We now establish comparison results between \(\Gamma(A)\) and \(\Omega(A)\).

Theorem 4

If a matrix \(A=(a_{ij}) \in\mathbb{C}^{n\times n}\), then

$$\sigma(A) \in \Omega(A) \subseteq\Gamma(A). $$

Proof

Let z be any point of \(\Omega_{3} (A)\). Then there are \(i , j \in N\), \(i \neq j\), such that \(z\in\Omega_{3} (A)\), i.e.,

$$ \bigl\vert {z ^{2} - \vert {a_{ii} } \vert ^{2} }\bigr\vert \bigl\vert {z ^{2} - \vert {a_{jj} } \vert ^{2} }\bigr\vert \le \bigl(\vert {a_{ii} } \vert r_{i} (A) + z c_{i} (A) \bigr) \bigl( \vert {a_{jj} } \vert c_{j} (A) + z r_{j} (A) \bigr). $$
(15)

If \((\vert {a_{ii} } \vert r_{i} (A) + z c_{i} (A) ) ( \vert {a_{jj} } \vert c_{j} (A) + z r_{j} (A) )=0\), then

$$\bigl\vert {z ^{2} - \vert {a_{ii} } \vert ^{2} }\bigr\vert =0 $$

or

$$\bigl\vert {z ^{2} - \vert {a_{jj} } \vert ^{2} }\bigr\vert =0. $$

Therefore, \(z \in\Gamma_{1} (A)\cup\Gamma_{2} (A)\). Moreover, if \((\vert {a_{ii} } \vert r_{i} (A) + z c_{i} (A) ) ( \vert {a_{jj} } \vert c_{j} (A) + z r_{j} (A) )> 0\), then from inequality (15), we have

$$ \frac{{\vert {z^{2} - \vert {a_{ii}^{2} } \vert } \vert }}{{\vert {a_{ii} } \vert r_{i} (A) + z c_{i} (A)}}\frac{{\vert {z^{2} - \vert {a_{jj}^{2} } \vert } \vert }}{{\vert {a_{jj} } \vert c_{j} (A) + z r_{j} (A)}} \le1. $$
(16)

Hence, from inequality (16), we have that

$$\frac{{\vert {z^{2} - \vert {a_{ii}^{2} } \vert } \vert }}{{\vert {a_{ii} } \vert r_{i} (A) + z c_{i} (A)}} \le1 $$

or

$$\frac{{\vert {z^{2} - \vert {a_{jj}^{2} } \vert } \vert }}{{\vert {a_{jj} } \vert c_{j} (A) + z r_{j} (A)}} \le1. $$

That is, \(z \in\Gamma_{1} (A)\) or \(z \in\Gamma_{2} (A)\), i.e., \(z \in \Gamma(A)\).

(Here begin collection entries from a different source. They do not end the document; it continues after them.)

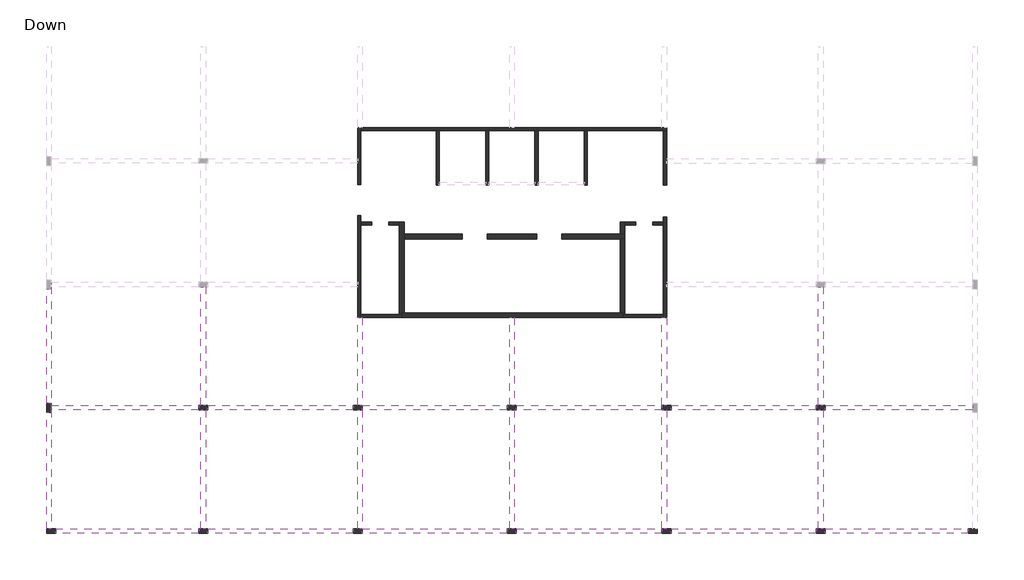
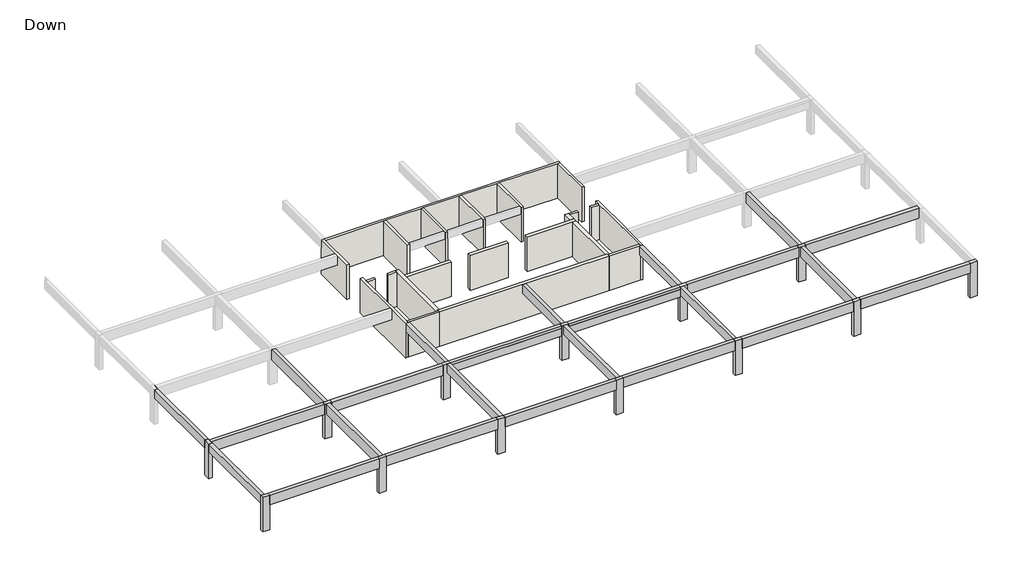
# One storey, part 1 of 2: 24 beams, 22 walls, 13 columns.
# Revit data of these elements (continued)
# Project information (continued)
#   Project Name = "Project 023"
#   Project Number = "מספר פרויקט"
# Type "Concrete Rectengular Beam : 30/70"
#   Length [instance default] = 152.4 cm
#   b = 30 cm
#   h = 70 cm
#   Structural Material [instance default] = Concrete
#   Assembly Code = ""
# Type "Concrete Rectengular Beam : 30/75"
#   Length [instance default] = 152.4 cm
#   b = 30 cm
#   h = 75 cm
#   Structural Material [instance default] = Concrete
#   Assembly Code = ""
# Type "Concrete Rectengular Beam : 30/85"
#   Length [instance default] = 152.4 cm
#   b = 30 cm
#   h = 85 cm
#   Structural Material [instance default] = Concrete
#   Assembly Code = ""
# Type "Concrete Rectengular Beam : 30/90"
#   Length [instance default] = 152.4 cm
#   b = 30 cm
#   h = 90 cm
#   Structural Material [instance default] = Concrete
#   Assembly Code = ""
# Type "Concrete Rectengular Column : 30/60"
#   b = 30 cm
#   h = 60 cm
#   Structural Material [instance default] = Concrete
# Type "20"
#   Layers, outside or top first: 20 cm "Concrete" (function 1)
# Type "30"
#   Layers, outside or top first: 30 cm "Concrete" (function 1)
# Element 1 (IfcBeam, "Concrete Rectengular Beam : 30/70")
#   Comments = ""
#   Mark = "B9"
#   SOFiSTiK_AMG_Comments = ""
#   SOFiSTiK_AMG_Scheduled = yes
#   SOFiSTiK_AMG_Adjusted = yes
#   Structural Material = Concrete
#   Phase Created = New Construction
#   Materials on its faces: "Concrete"
# Element 2 (IfcBeam, "Concrete Rectengular Beam : 30/70")
#   Comments = ""
#   Mark = "B10"
#   SOFiSTiK_AMG_Comments = ""
#   SOFiSTiK_AMG_Scheduled = yes
#   SOFiSTiK_AMG_Adjusted = yes
#   Structural Material = Concrete
#   Phase Created = New Construction
#   Materials on its faces: "Concrete"
# Element 3 (IfcBeam, "Concrete Rectengular Beam : 30/75")
#   Comments = ""
#   Mark = "B20"
#   SOFiSTiK_AMG_Comments = ""
#   SOFiSTiK_AMG_Scheduled = yes
#   SOFiSTiK_AMG_Adjusted = yes
#   Structural Material = Concrete
#   Phase Created = New Construction
#   Materials on its faces: "Concrete"
# Element 4 (IfcBeam, "Concrete Rectengular Beam : 30/75")
#   Comments = ""
#   Mark = "B21"
#   SOFiSTiK_AMG_Comments = ""
#   SOFiSTiK_AMG_Scheduled = yes
#   SOFiSTiK_AMG_Adjusted = yes
#   Structural Material = Concrete
#   Phase Created = New Construction
#   Materials on its faces: "Concrete"
# Element 5 (IfcBeam, "Concrete Rectengular Beam : 30/75")
#   Comments = ""
#   Mark = "B22"
#   SOFiSTiK_AMG_Comments = ""
#   SOFiSTiK_AMG_Scheduled = yes
#   SOFiSTiK_AMG_Adjusted = yes
#   Structural Material = Concrete
#   Phase Created = New Construction
#   Materials on its faces: "Concrete"
# Element 6 (IfcBeam, "Concrete Rectengular Beam : 30/75")
#   Comments = ""
#   Mark = "B23"
#   SOFiSTiK_AMG_Comments = ""
#   SOFiSTiK_AMG_Scheduled = yes
#   SOFiSTiK_AMG_Adjusted = yes
#   Structural Material = Concrete
#   Phase Created = New Construction
#   Materials on its faces: "Concrete"
# Element 7 (IfcBeam, "Concrete Rectengular Beam : 30/75")
#   Comments = ""
#   Mark = "B24"
#   SOFiSTiK_AMG_Comments = ""
#   SOFiSTiK_AMG_Scheduled = yes
#   SOFiSTiK_AMG_Adjusted = yes
#   Structural Material = Concrete
#   Phase Created = New Construction
#   Materials on its faces: "Concrete"
# Element 8 (IfcBeam, "Concrete Rectengular Beam : 30/75")
#   Comments = ""
#   Mark = "B25"
#   SOFiSTiK_AMG_Comments = ""
#   SOFiSTiK_AMG_Scheduled = yes
#   SOFiSTiK_AMG_Adjusted = yes
#   Structural Material = Concrete
#   Phase Created = New Construction
#   Materials on its faces: "Concrete"
# Element 9 (IfcBeam, "Concrete Rectengular Beam : 30/85")
#   Comments = ""
#   Mark = "B32"
#   SOFiSTiK_AMG_Comments = ""
#   SOFiSTiK_AMG_Scheduled = yes
#   SOFiSTiK_AMG_Adjusted = yes
#   Structural Material = Concrete
#   Phase Created = New Construction
#   Materials on its faces: "Concrete"
# Element 10 (IfcBeam, "Concrete Rectengular Beam : 30/85")
#   Comments = ""
#   Mark = "B33"
#   SOFiSTiK_AMG_Comments = ""
#   SOFiSTiK_AMG_Scheduled = yes
#   SOFiSTiK_AMG_Adjusted = yes
#   Structural Material = Concrete
#   Phase Created = New Construction
#   Materials on its faces: "Concrete"
# Element 11 (IfcBeam, "Concrete Rectengular Beam : 30/85")
#   Comments = ""
#   Mark = "B34"
#   SOFiSTiK_AMG_Comments = ""
#   SOFiSTiK_AMG_Scheduled = yes
#   SOFiSTiK_AMG_Adjusted = yes
#   Structural Material = Concrete
#   Phase Created = New Construction
#   Materials on its faces: "Concrete"
# Element 12 (IfcBeam, "Concrete Rectengular Beam : 30/85")
#   Comments = ""
#   Mark = "B35"
#   SOFiSTiK_AMG_Comments = ""
#   SOFiSTiK_AMG_Scheduled = yes
#   SOFiSTiK_AMG_Adjusted = yes
#   Structural Material = Concrete
#   Phase Created = New Construction
#   Materials on its faces: "Concrete"
# Element 13 (IfcBeam, "Concrete Rectengular Beam : 30/85")
#   Comments = ""
#   Mark = "B36"
#   SOFiSTiK_AMG_Comments = ""
#   SOFiSTiK_AMG_Scheduled = yes
#   SOFiSTiK_AMG_Adjusted = yes
#   Structural Material = Concrete
#   Phase Created = New Construction
#   Materials on its faces: "Concrete"
# Element 14 (IfcBeam, "Concrete Rectengular Beam : 30/85")
#   Comments = ""
#   Mark = "B37"
#   SOFiSTiK_AMG_Comments = ""
#   SOFiSTiK_AMG_Scheduled = yes
#   SOFiSTiK_AMG_Adjusted = yes
#   Structural Material = Concrete
#   Phase Created = New Construction
#   Materials on its faces: "Concrete"
# Element 15 (IfcBeam, "Concrete Rectengular Beam : 30/90")
#   Comments = ""
#   Mark = "B46"
#   SOFiSTiK_AMG_Comments = ""
#   SOFiSTiK_AMG_Scheduled = yes
#   SOFiSTiK_AMG_Adjusted = yes
#   Structural Material = Concrete
#   Phase Created = New Construction
#   Materials on its faces: "Concrete"
# Element 16 (IfcBeam, "Concrete Rectengular Beam : 30/90")
#   Comments = ""
#   Mark = "B47"
#   SOFiSTiK_AMG_Comments = ""
#   SOFiSTiK_AMG_Scheduled = yes
#   SOFiSTiK_AMG_Adjusted = yes
#   Structural Material = Concrete
#   Phase Created = New Construction
#   Materials on its faces: "Concrete"
# Element 17 (IfcBeam, "Concrete Rectengular Beam : 30/90")
#   Comments = ""
#   Mark = "B48"
#   SOFiSTiK_AMG_Comments = ""
#   SOFiSTiK_AMG_Scheduled = yes
#   SOFiSTiK_AMG_Adjusted = yes
#   Structural Material = Concrete
#   Phase Created = New Construction
#   Materials on its faces: "Concrete"
# Element 18 (IfcBeam, "Concrete Rectengular Beam : 30/90")
#   Comments = ""
#   Mark = "B49"
#   SOFiSTiK_AMG_Comments = ""
#   SOFiSTiK_AMG_Scheduled = yes
#   SOFiSTiK_AMG_Adjusted = yes
#   Structural Material = Concrete
#   Phase Created = New Construction
#   Materials on its faces: "Concrete"
# Element 19 (IfcBeam, "Concrete Rectengular Beam : 30/90")
#   Comments = ""
#   Mark = "B50"
#   SOFiSTiK_AMG_Comments = ""
#   SOFiSTiK_AMG_Scheduled = yes
#   SOFiSTiK_AMG_Adjusted = yes
#   Structural Material = Concrete
#   Phase Created = New Construction
#   Materials on its faces: "Concrete"
# Element 20 (IfcBeam, "Concrete Rectengular Beam : 30/90")
#   Comments = ""
#   Mark = "B51"
#   SOFiSTiK_AMG_Comments = ""
#   SOFiSTiK_AMG_Scheduled = yes
#   SOFiSTiK_AMG_Adjusted = yes
#   Structural Material = Concrete
#   Phase Created = New Construction
#   Materials on its faces: "Concrete"
# Element 21 (IfcBeam, "Concrete Rectengular Beam : 30/90")
#   Comments = ""
#   Mark = "B61"
#   SOFiSTiK_AMG_Comments = ""
#   SOFiSTiK_AMG_Scheduled = yes
#   SOFiSTiK_AMG_Adjusted = yes
#   Structural Material = Concrete
#   Phase Created = New Construction
#   Materials on its faces: "Concrete"
# Element 22 (IfcBeam, "Concrete Rectengular Beam : 30/90")
#   Comments = ""
#   Mark = "B62"
#   SOFiSTiK_AMG_Comments = ""
#   SOFiSTiK_AMG_Scheduled = yes
#   SOFiSTiK_AMG_Adjusted = yes
#   Structural Material = Concrete
#   Phase Created = New Construction
#   Materials on its faces: "Concrete"
# Element 23 (IfcBeam, "Concrete Rectengular Beam : 30/90")
#   Comments = ""
#   Mark = "B66"
#   SOFiSTiK_AMG_Comments = ""
#   SOFiSTiK_AMG_Scheduled = yes
#   SOFiSTiK_AMG_Adjusted = yes
#   Structural Material = Concrete
#   Phase Created = New Construction
#   Materials on its faces: "Concrete"
# Element 24 (IfcBeam, "Concrete Rectengular Beam : 30/90")
#   Comments = ""
#   Mark = "B67"
#   SOFiSTiK_AMG_Comments = ""
#   SOFiSTiK_AMG_Scheduled = yes
#   SOFiSTiK_AMG_Adjusted = yes
#   Structural Material = Concrete
#   Phase Created = New Construction
#   Materials on its faces: "Concrete"
# Element 25 (IfcColumn, "Concrete Rectengular Column : 30/60")
#   Comments = ""
#   Mark = "C3"
#   SOFiSTiK_AMG_Comments = ""
#   SOFiSTiK_AMG_Scheduled = yes
#   SOFiSTiK_AMG_Adjusted = yes
#   Structural Material = Concrete
#   Phase Created = New Construction
#   Materials on its faces: "Concrete"
# Element 26 (IfcColumn, "Concrete Rectengular Column : 30/60")
#   Comments = ""
#   Mark = "C7"
#   SOFiSTiK_AMG_Comments = ""
#   SOFiSTiK_AMG_Scheduled = yes
#   SOFiSTiK_AMG_Adjusted = yes
#   Structural Material = Concrete
#   Phase Created = New Construction
#   Materials on its faces: "Concrete"
# Element 27 (IfcColumn, "Concrete Rectengular Column : 30/60")
#   Comments = ""
#   Mark = "C8"
#   SOFiSTiK_AMG_Comments = ""
#   SOFiSTiK_AMG_Scheduled = yes
#   SOFiSTiK_AMG_Adjusted = yes
#   Structural Material = Concrete
#   Phase Created = New Construction
#   Materials on its faces: "Concrete"
# Element 28 (IfcColumn, "Concrete Rectengular Column : 30/60")
#   Comments = ""
#   Mark = "C14"
#   SOFiSTiK_AMG_Comments = ""
#   SOFiSTiK_AMG_Scheduled = yes
#   SOFiSTiK_AMG_Adjusted = yes
#   Structural Material = Concrete
#   Phase Created = New Construction
#   Materials on its faces: "Concrete"
# Element 29 (IfcColumn, "Concrete Rectengular Column : 30/60")
#   Comments = ""
#   Mark = "C15"
#   SOFiSTiK_AMG_Comments = ""
#   SOFiSTiK_AMG_Scheduled = yes
#   SOFiSTiK_AMG_Adjusted = yes
#   Structural Material = Concrete
#   Phase Created = New Construction
#   Materials on its faces: "Concrete"
# Element 30 (IfcColumn, "Concrete Rectengular Column : 30/60")
#   Comments = ""
#   Mark = "C17"
#   SOFiSTiK_AMG_Comments = ""
#   SOFiSTiK_AMG_Scheduled = yes
#   SOFiSTiK_AMG_Adjusted = yes
#   Structural Material = Concrete
#   Phase Created = New Construction
#   Materials on its faces: "Concrete"
# Element 31 (IfcColumn, "Concrete Rectengular Column : 30/60")
#   Comments = ""
#   Mark = "C23"
#   SOFiSTiK_AMG_Comments = ""
#   SOFiSTiK_AMG_Scheduled = yes
#   SOFiSTiK_AMG_Adjusted = yes
#   Structural Material = Concrete
#   Phase Created = New Construction
#   Materials on its faces: "Concrete"
# Element 32 (IfcColumn, "Concrete Rectengular Column : 30/60")
#   Comments = ""
#   Mark = "C24"
#   SOFiSTiK_AMG_Comments = ""
#   SOFiSTiK_AMG_Scheduled = yes
#   SOFiSTiK_AMG_Adjusted = yes
#   Structural Material = Concrete
#   Phase Created = New Construction
#   Materials on its faces: "Concrete"
# Element 33 (IfcColumn, "Concrete Rectengular Column : 30/60")
#   Comments = ""
#   Mark = "C25"
#   SOFiSTiK_AMG_Comments = ""
#   SOFiSTiK_AMG_Scheduled = yes
#   SOFiSTiK_AMG_Adjusted = yes
#   Structural Material = Concrete
#   Phase Created = New Construction
#   Materials on its faces: "Concrete"
# Element 34 (IfcColumn, "Concrete Rectengular Column : 30/60")
#   Comments = ""
#   Mark = "C26"
#   SOFiSTiK_AMG_Comments = ""
#   SOFiSTiK_AMG_Scheduled = yes
#   SOFiSTiK_AMG_Adjusted = yes
#   Structural Material = Concrete
#   Phase Created = New Construction
#   Materials on its faces: "Concrete"
# Element 35 (IfcColumn, "Concrete Rectengular Column : 30/60")
#   Comments = ""
#   Mark = "C27"
#   SOFiSTiK_AMG_Comments = ""
#   SOFiSTiK_AMG_Scheduled = yes
#   SOFiSTiK_AMG_Adjusted = yes
#   Structural Material = Concrete
#   Phase Created = New Construction
#   Materials on its faces: "Concrete"
# Element 36 (IfcColumn, "Concrete Rectengular Column : 30/60")
#   Comments = ""
#   Mark = "C35"
#   SOFiSTiK_AMG_Comments = ""
#   SOFiSTiK_AMG_Scheduled = yes
#   SOFiSTiK_AMG_Adjusted = yes
#   Structural Material = Concrete
#   Phase Created = New Construction
#   Materials on its faces: "Concrete"
# Element 37 (IfcColumn, "Concrete Rectengular Column : 30/60")
#   Comments = ""
#   Mark = "C36"
#   SOFiSTiK_AMG_Comments = ""
#   SOFiSTiK_AMG_Scheduled = yes
#   SOFiSTiK_AMG_Adjusted = yes
#   Structural Material = Concrete
#   Phase Created = New Construction
#   Materials on its faces: "Concrete"
# Element 38 (IfcWall, "20")
#   Comments = ""
#   Mark = "W1"
#   SOFiSTiK_EdgeZones = "W1"
#   SOFiSTiK_AMG_Comments = ""
#   Top Offset = 0 cm
#   Base Offset = 0 cm
#   wall height = 308 cm
#   SOFiSTiK_AMG_Scheduled = yes
#   SOFiSTiK_AMG_Adjusted = yes
#   Phase Created = New Construction
#   Base Constraint = Down
#   Top Constraint = Typical Floor
#   Materials on its faces: "Concrete"
# Element 39 (IfcWall, "20")
#   Comments = ""
#   Mark = "W2"
#   SOFiSTiK_EdgeZones = "W2"
#   SOFiSTiK_AMG_Comments = ""
#   Top Offset = 0 cm
#   Base Offset = 0 cm
#   wall height = 308 cm
#   SOFiSTiK_AMG_Scheduled = yes
#   SOFiSTiK_AMG_Adjusted = yes
#   Phase Created = New Construction
#   Base Constraint = Down
#   Top Constraint = Typical Floor
#   Materials on its faces: "Concrete"
# Element 40 (IfcWall, "20")
#   Comments = ""
#   Mark = "W3"
#   SOFiSTiK_EdgeZones = "W3"
#   SOFiSTiK_AMG_Comments = ""
#   Top Offset = 0 cm
#   Base Offset = 0 cm
#   wall height = 308 cm
#   SOFiSTiK_AMG_Scheduled = yes
#   SOFiSTiK_AMG_Adjusted = yes
#   Phase Created = New Construction
#   Base Constraint = Down
#   Top Constraint = Typical Floor
#   Materials on its faces: "Concrete"
# Element 41 (IfcWall, "20")
#   Comments = ""
#   Mark = "W4"
#   SOFiSTiK_EdgeZones = "W4"
#   SOFiSTiK_AMG_Comments = ""
#   Top Offset = 0 cm
#   Base Offset = 0 cm
#   wall height = 308 cm
#   SOFiSTiK_AMG_Scheduled = yes
#   SOFiSTiK_AMG_Adjusted = yes
#   Phase Created = New Construction
#   Base Constraint = Down
#   Top Constraint = Typical Floor
#   Materials on its faces: "Concrete"
# Element 42 (IfcWall, "20")
#   Comments = ""
#   Mark = "W5"
#   SOFiSTiK_EdgeZones = "W5"
#   SOFiSTiK_AMG_Comments = ""
#   Top Offset = 0 cm
#   Base Offset = 0 cm
#   wall height = 308 cm
#   SOFiSTiK_AMG_Scheduled = yes
#   SOFiSTiK_AMG_Adjusted = yes
#   Phase Created = New Construction
#   Base Constraint = Down
#   Top Constraint = Typical Floor
#   Materials on its faces: "Concrete"
# Element 43 (IfcWall, "20")
#   Comments = ""
#   Mark = "W6"
#   SOFiSTiK_EdgeZones = "W6"
#   SOFiSTiK_AMG_Comments = ""
#   Top Offset = 0 cm
#   Base Offset = 0 cm
#   wall height = 308 cm
#   SOFiSTiK_AMG_Scheduled = yes
#   SOFiSTiK_AMG_Adjusted = yes
#   Phase Created = New Construction
#   Base Constraint = Down
#   Top Constraint = Typical Floor
#   Materials on its faces: "Concrete"
# Element 44 (IfcWall, "20")
#   Comments = ""
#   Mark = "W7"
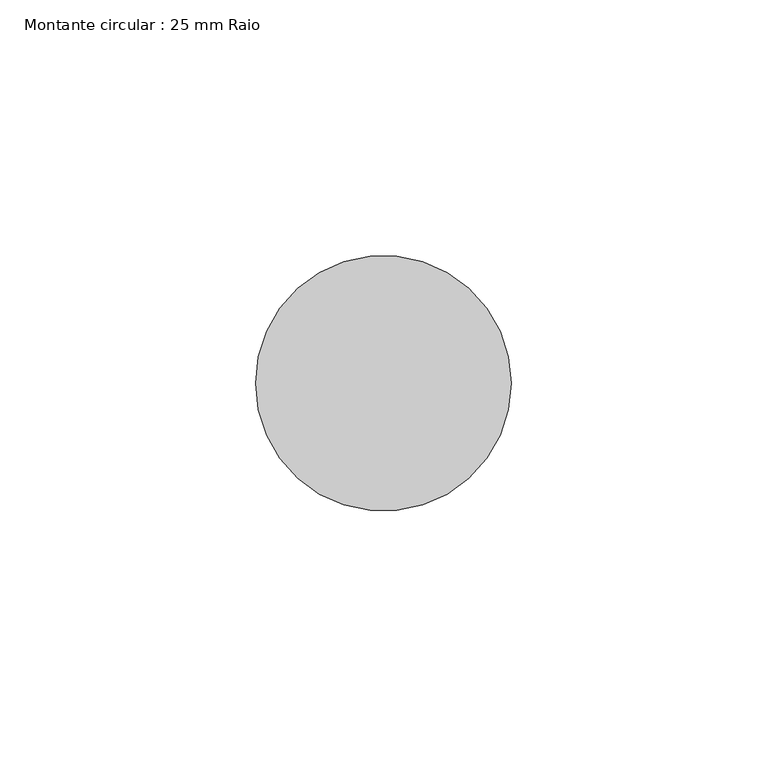
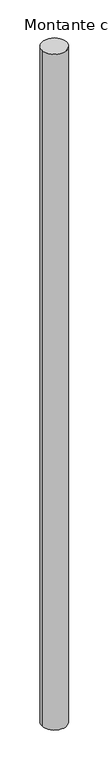
"""IFC4 building model written with IfcOpenShell, lengths in millimetres: member geometry, Montante circular : 25 mm Raio."""

from ifc_helpers import new_model, si_unit, point, frame, origin, origin_2d, place, context, project, spatial, circle_curve, trimmed, segment, composite_curve, outline, extrude, source, transform, mapped, element, save


def montante_circular_25_mm_raio_4202f854(model_context):
    return source(origin(), model_context, "Body", "SweptSolid", [
        extrude(outline(composite_curve([segment(trimmed(circle_curve(origin_2d(), 25.0), [point((25.0, 0.0))], [point((-25.0, 0.0))], False, "CARTESIAN"), True, "CONTINUOUS"), segment(trimmed(circle_curve(origin_2d(), 25.0), [point((-25.0, 0.0))], [point((25.0, 0.0))], False, "CARTESIAN"), True, "CONTINUOUS")], self_intersect=False)), frame((0.0, 0.0, -1431.9597241), z_axis=(0.0, 0.0, 1.0), x_axis=(1.0, 0.0, 0.0)), (0.0, 0.0, 1.0), 1431.9597241),
    ])


if __name__ == "__main__":
    model = new_model("IFC4")
    model_context = context("Model", 3, world=origin())
    ifc_project = project(units=[si_unit("LENGTHUNIT", "METRE", prefix="MILLI")], contexts=[model_context])
    site = spatial("IfcSite", under=ifc_project)
    building = spatial("IfcBuilding", under=site)
    placement = place(None, origin())
    montante_circular_25_mm_raio_shape = montante_circular_25_mm_raio_4202f854(model_context)
    element("IfcMember", 1, ObjectType="Montante circular : 25 mm Raio", at=placement, inside=building, context=model_context, shape_type="MappedRepresentation", body=[
        mapped(montante_circular_25_mm_raio_shape, transform((0.0, 0.0, 0.0), x_axis=(1.0, 0.0, 0.0), y_axis=(0.0, 1.0, 0.0), z_axis=(0.0, 0.0, 1.0))),
    ])
    save(model, "model.ifc")

# Revit data of these elements
# Type "Montante circular : 25 mm Raio"
#   built-in parameter 1007350 = 0.082021 (stored number, unit not read)
# Element 1 (IfcMember, "Montante circular : 25 mm Raio")
#   Materials on its faces: "Alumín."
# Materials
#   "Alumín.": class "Metal", colour RGB 247 247 247, transparency 0, Description = "Alumín. 6061", Cost = 0

Similarly, if z is any point of \(\Omega_{1} (A)\) or \(\Omega_{2} (A)\), we can get

$$\sigma(A) \in \Omega_{1}(A) \subseteq\Gamma(A) $$

and

$$\sigma(A) \in \Omega_{2}(A) \subseteq\Gamma(A). $$

Thus, we complete the proof. □

3 Numerical example

Example 1

Let

$$A=\left [ { \textstyle\begin{array}{c@{\quad}c} 1 & 4 \\ {0.1} & {0.5} \end{array}\displaystyle } \right ]. $$

The singular values of A are \(\sigma_{1} = 4.1544\) and \(\sigma_{2} = 0.0241\). From Figure 1, it is easy to see that Theorem 2 is better than Theorem 1 for certain examples. In Figure 2, we can see that the results in Theorem 3 are tighter than the results in Theorem 2, which is analyzed in Theorem 4.

Figure 1
figure 1

Comparisons of Theorem 1 (i), Theorem 1 (ii) and Theorem 2 for Example 1 .

Full size image
Figure 2
figure 2

Comparisons of Theorem 2 and Theorem 3 ( \(\pmb{\Omega_{3}}\) ) for Example 1 .

Full size image

4 Conclusion

In this paper, some new inclusion sets for singular values are given. Theoretical analysis and numerical example show that these estimates are more efficient than recent corresponding results in some cases.